-- Goal of the exercise --
Across the data below, in how many lines does the word "written" appear? Give only the number.

Given records: Begin

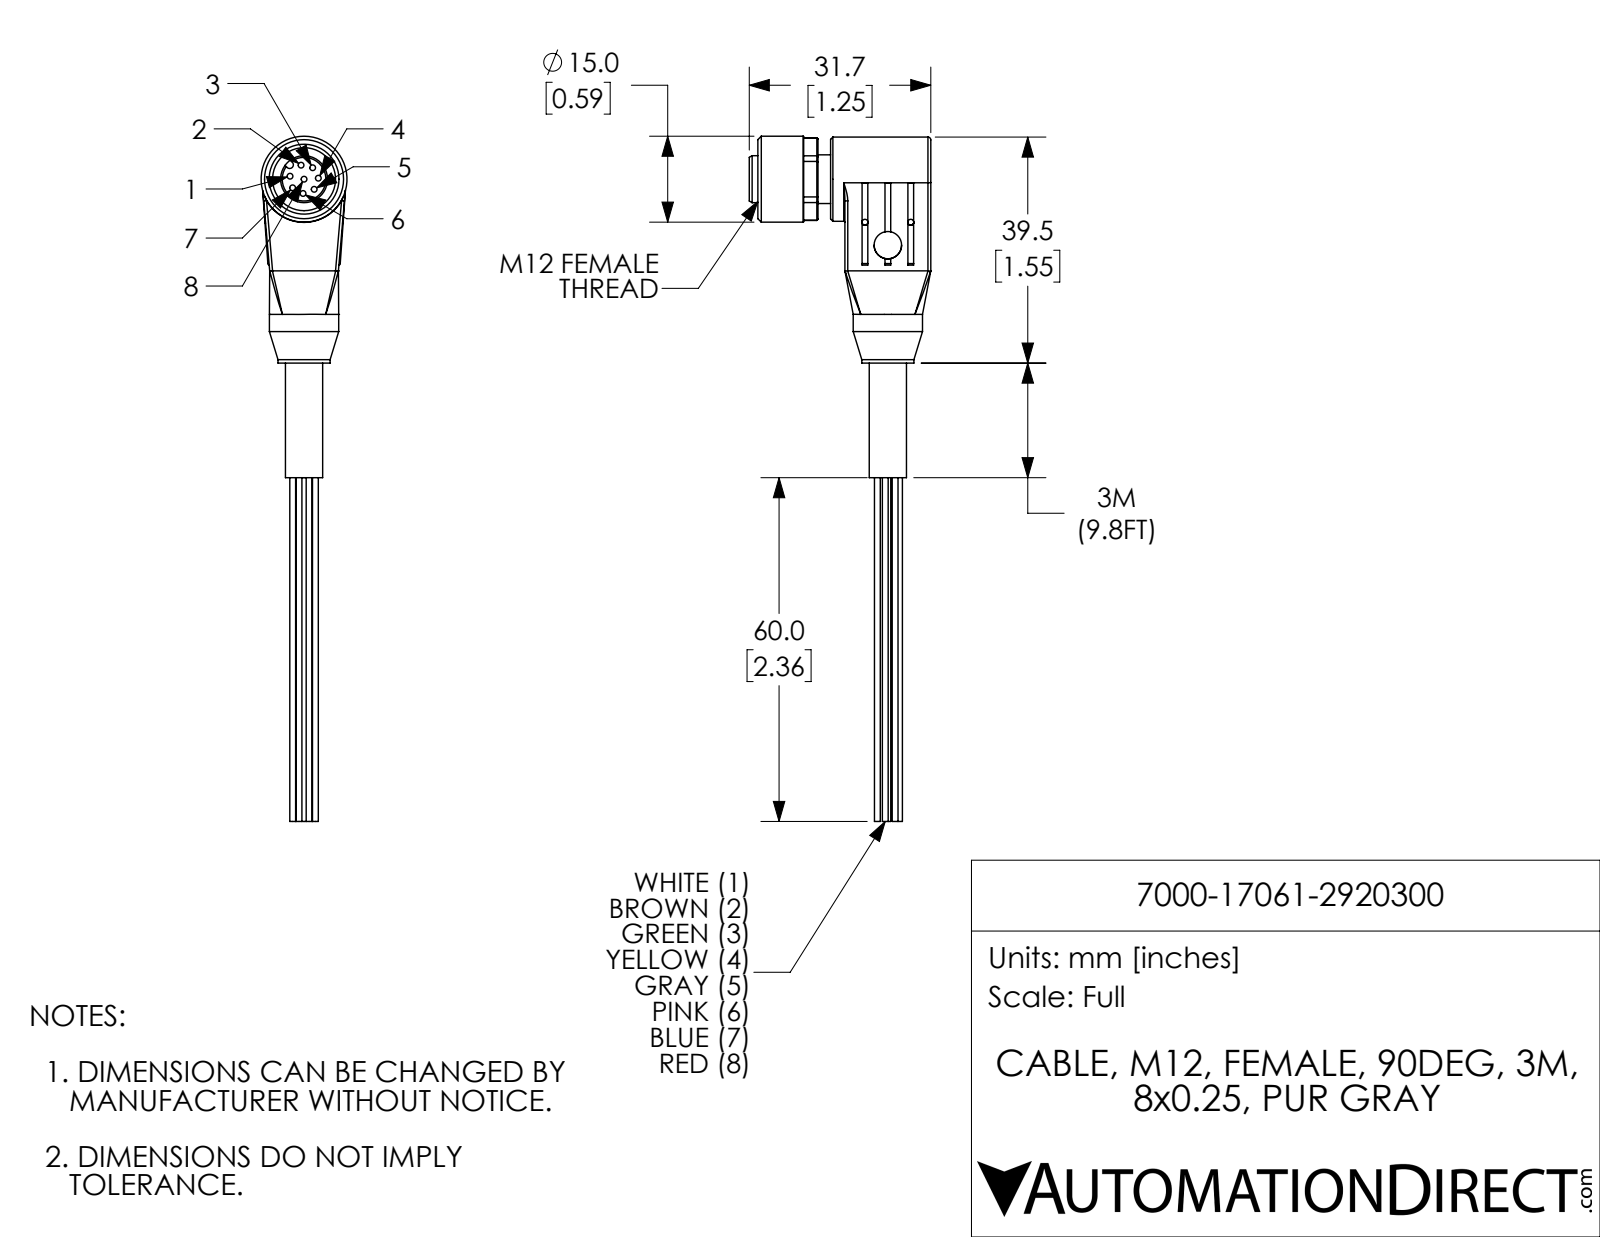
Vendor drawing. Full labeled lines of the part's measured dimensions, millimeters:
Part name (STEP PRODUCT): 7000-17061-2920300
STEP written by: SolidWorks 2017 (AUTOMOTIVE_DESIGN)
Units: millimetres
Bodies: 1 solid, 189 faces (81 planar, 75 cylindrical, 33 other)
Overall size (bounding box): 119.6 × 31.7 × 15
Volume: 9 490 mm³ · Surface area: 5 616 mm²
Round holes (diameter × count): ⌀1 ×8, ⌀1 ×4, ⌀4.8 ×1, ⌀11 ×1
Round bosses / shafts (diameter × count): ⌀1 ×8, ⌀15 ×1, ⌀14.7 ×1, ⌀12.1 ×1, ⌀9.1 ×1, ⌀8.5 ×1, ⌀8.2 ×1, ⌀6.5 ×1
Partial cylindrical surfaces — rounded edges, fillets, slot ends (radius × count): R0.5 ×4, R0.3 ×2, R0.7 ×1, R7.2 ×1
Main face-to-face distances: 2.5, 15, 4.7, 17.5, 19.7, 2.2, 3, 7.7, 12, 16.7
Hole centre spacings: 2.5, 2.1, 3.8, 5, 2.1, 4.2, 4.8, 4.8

Given records: End
Given records: Begin

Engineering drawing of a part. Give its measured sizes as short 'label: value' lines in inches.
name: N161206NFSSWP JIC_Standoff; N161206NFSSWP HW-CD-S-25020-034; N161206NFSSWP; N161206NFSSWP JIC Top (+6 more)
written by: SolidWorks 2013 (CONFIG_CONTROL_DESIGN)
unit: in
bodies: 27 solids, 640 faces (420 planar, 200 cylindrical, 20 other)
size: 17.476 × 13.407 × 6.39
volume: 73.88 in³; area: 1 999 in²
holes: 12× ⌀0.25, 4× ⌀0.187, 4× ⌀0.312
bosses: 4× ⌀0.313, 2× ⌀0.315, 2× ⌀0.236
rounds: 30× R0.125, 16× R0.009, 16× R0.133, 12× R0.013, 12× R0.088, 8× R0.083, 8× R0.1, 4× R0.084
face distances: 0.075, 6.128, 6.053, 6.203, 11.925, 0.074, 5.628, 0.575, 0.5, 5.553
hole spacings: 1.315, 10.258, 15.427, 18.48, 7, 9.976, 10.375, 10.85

Given records: End

-- Reply --
2